#### WHAT TO PRODUCE
From the entries that follow, reproduce exactly and only the lines from the line with "#183=CARTESIAN_POINT('',(-300.,-15.,-10.));" to the line with "#200=LINE('',#199,#198);", endpoints included.

★ ★ ★ ★ ★ ★ ★

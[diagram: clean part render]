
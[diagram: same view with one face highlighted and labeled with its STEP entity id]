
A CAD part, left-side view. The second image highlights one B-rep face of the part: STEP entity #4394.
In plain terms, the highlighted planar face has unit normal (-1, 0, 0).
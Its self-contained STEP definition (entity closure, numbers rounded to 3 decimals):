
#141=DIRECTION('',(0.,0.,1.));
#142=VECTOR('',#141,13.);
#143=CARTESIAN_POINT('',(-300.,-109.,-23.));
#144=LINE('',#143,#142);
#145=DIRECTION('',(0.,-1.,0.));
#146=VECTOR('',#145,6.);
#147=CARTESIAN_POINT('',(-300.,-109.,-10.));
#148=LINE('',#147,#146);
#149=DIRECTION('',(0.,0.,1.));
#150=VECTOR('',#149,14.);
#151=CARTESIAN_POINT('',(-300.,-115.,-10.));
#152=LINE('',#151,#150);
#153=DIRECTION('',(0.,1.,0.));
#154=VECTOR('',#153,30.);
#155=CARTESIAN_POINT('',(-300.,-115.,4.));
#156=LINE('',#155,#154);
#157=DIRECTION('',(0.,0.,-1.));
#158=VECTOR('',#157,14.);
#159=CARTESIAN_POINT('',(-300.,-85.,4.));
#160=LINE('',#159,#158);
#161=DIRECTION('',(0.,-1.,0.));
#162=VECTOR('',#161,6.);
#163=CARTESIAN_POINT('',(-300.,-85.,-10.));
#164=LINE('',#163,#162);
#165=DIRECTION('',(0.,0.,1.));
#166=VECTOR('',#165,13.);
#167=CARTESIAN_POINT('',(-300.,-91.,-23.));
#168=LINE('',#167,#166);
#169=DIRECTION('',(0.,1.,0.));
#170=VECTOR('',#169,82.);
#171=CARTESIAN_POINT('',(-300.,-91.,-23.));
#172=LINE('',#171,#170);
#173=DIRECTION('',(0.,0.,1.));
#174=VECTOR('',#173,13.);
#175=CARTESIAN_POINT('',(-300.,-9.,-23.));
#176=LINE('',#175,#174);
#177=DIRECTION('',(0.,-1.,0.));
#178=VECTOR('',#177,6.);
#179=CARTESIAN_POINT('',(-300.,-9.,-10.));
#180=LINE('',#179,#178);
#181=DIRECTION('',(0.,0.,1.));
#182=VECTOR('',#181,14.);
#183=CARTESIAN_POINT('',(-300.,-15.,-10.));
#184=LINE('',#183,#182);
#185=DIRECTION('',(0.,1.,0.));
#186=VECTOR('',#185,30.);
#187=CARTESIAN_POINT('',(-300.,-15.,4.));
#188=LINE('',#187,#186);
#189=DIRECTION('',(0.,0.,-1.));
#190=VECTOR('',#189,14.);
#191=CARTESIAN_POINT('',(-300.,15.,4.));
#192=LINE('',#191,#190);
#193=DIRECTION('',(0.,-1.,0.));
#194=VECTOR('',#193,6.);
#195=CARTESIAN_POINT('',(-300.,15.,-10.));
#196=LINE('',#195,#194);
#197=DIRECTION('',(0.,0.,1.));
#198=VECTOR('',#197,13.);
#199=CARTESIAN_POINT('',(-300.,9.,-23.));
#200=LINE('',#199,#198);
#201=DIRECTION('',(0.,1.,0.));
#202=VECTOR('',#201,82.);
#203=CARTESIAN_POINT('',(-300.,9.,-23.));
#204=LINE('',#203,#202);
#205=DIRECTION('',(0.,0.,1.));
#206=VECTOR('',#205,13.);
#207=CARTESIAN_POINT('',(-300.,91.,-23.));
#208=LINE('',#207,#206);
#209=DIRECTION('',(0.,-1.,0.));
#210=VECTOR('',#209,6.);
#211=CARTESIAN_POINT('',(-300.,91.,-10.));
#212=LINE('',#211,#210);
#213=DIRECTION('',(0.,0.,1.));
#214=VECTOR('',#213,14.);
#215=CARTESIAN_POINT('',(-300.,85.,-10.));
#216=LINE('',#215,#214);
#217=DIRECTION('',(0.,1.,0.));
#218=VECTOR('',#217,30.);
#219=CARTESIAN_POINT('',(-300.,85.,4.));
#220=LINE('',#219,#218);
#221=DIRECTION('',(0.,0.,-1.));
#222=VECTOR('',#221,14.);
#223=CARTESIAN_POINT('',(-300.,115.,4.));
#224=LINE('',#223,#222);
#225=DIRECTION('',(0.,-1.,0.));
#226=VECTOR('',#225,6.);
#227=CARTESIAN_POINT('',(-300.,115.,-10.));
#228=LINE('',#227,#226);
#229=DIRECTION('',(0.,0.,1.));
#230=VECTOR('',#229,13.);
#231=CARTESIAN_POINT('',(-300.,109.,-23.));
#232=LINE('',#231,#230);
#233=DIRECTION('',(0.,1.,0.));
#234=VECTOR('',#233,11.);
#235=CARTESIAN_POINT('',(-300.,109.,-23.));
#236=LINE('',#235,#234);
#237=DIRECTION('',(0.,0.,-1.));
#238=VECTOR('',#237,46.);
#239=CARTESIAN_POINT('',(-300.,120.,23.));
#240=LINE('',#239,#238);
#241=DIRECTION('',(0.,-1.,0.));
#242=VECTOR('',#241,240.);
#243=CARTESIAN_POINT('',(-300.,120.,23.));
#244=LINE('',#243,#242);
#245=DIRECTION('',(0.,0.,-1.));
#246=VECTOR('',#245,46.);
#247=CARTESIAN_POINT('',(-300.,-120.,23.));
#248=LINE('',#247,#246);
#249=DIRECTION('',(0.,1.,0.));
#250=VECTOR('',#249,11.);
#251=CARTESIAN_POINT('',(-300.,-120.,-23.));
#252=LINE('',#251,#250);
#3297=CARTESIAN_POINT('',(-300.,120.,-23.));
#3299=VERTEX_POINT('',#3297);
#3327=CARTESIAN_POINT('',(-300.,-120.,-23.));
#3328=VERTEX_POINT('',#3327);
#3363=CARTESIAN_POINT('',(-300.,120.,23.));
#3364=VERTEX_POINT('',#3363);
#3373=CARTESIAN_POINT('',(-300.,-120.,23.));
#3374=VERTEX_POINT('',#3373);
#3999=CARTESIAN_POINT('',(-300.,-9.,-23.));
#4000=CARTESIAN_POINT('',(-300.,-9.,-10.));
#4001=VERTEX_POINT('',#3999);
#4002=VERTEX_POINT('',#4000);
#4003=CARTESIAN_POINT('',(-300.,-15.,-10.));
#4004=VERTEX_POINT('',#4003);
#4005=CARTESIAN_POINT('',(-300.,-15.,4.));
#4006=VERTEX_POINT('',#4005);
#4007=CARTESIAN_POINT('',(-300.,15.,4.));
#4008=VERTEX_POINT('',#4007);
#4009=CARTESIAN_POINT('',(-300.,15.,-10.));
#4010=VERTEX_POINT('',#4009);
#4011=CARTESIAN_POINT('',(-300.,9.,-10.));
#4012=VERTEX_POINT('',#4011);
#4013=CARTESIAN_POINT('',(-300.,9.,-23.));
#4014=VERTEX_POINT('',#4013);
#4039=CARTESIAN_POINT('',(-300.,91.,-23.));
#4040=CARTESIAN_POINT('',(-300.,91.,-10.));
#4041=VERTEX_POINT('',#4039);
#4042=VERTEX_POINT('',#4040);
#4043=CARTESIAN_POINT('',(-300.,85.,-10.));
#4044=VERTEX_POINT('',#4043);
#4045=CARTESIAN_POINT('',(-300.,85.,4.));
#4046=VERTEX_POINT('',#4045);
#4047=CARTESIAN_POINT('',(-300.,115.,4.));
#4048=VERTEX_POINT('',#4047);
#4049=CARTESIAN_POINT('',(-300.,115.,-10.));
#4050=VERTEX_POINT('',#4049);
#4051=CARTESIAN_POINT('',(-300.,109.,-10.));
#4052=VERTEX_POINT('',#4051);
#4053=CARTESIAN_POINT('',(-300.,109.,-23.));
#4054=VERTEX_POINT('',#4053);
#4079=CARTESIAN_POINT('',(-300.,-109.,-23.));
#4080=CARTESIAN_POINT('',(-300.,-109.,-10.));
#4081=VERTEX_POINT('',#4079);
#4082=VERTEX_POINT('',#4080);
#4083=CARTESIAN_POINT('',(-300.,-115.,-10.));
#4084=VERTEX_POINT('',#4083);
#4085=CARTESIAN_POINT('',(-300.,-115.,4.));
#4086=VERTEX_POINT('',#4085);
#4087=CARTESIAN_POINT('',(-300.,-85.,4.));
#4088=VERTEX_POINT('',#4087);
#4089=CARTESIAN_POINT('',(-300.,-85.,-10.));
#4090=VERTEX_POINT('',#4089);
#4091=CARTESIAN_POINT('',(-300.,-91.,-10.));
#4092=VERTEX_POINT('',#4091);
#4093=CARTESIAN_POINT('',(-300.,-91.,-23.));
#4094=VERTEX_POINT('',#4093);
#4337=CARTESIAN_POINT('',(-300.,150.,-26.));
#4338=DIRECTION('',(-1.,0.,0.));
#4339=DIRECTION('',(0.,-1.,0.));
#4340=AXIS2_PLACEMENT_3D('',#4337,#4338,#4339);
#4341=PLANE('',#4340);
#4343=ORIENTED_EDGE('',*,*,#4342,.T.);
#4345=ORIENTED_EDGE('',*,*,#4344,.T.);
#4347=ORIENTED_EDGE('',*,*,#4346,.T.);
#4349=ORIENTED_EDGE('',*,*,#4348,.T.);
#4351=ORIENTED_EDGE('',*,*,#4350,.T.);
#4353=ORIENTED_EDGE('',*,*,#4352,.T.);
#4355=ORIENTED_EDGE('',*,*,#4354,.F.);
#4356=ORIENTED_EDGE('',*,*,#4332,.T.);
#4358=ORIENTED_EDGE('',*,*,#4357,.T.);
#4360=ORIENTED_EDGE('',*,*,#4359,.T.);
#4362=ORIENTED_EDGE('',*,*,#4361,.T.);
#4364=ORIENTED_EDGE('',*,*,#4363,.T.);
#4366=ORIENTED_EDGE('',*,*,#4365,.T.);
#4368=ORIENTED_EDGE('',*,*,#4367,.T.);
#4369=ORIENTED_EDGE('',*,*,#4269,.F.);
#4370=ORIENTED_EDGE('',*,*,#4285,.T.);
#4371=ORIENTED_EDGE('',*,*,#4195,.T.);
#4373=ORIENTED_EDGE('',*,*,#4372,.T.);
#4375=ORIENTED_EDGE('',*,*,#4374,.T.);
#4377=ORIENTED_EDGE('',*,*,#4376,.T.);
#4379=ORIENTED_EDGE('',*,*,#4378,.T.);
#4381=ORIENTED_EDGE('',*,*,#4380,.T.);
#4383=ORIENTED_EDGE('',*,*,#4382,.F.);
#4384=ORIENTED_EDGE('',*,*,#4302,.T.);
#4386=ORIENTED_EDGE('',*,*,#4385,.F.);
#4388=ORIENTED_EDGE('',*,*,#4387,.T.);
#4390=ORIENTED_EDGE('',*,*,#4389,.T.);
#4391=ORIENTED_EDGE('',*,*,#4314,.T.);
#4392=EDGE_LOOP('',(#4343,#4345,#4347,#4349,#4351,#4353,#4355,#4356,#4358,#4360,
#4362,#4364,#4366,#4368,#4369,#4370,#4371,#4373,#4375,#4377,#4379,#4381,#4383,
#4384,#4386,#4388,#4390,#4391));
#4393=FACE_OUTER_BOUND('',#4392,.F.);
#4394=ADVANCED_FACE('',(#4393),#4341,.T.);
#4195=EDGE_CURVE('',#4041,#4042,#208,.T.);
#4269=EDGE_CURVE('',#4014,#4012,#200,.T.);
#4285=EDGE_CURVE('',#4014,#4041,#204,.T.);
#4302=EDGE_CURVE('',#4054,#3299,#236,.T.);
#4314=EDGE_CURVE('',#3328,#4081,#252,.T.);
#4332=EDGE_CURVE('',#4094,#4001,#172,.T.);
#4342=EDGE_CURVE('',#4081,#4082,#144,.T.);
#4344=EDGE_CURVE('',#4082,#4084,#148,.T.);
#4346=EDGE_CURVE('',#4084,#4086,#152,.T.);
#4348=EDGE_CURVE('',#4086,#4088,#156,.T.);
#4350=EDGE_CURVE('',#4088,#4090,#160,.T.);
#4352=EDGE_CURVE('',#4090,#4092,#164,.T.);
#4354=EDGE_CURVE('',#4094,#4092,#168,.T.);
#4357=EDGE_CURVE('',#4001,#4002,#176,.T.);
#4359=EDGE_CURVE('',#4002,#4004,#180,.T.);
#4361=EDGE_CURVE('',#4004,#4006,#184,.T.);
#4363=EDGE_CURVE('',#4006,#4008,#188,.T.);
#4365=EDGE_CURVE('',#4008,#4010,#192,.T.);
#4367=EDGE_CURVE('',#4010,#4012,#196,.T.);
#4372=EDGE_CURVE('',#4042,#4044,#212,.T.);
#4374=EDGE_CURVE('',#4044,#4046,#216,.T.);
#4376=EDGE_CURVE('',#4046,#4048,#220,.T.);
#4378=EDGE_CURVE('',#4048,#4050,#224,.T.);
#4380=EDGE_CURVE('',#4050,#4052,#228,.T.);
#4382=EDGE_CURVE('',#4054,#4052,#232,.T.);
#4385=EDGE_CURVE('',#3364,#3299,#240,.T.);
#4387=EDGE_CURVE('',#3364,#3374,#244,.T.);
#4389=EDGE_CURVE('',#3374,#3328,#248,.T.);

★ ★ ★ ★ ★ ★ ★

#### SOLUTION TO THIS TASK
#183=CARTESIAN_POINT('',(-300.,-15.,-10.));
#184=LINE('',#183,#182);
#185=DIRECTION('',(0.,1.,0.));
#186=VECTOR('',#185,30.);
#187=CARTESIAN_POINT('',(-300.,-15.,4.));
#188=LINE('',#187,#186);
#189=DIRECTION('',(0.,0.,-1.));
#190=VECTOR('',#189,14.);
#191=CARTESIAN_POINT('',(-300.,15.,4.));
#192=LINE('',#191,#190);
#193=DIRECTION('',(0.,-1.,0.));
#194=VECTOR('',#193,6.);
#195=CARTESIAN_POINT('',(-300.,15.,-10.));
#196=LINE('',#195,#194);
#197=DIRECTION('',(0.,0.,1.));
#198=VECTOR('',#197,13.);
#199=CARTESIAN_POINT('',(-300.,9.,-23.));
#200=LINE('',#199,#198);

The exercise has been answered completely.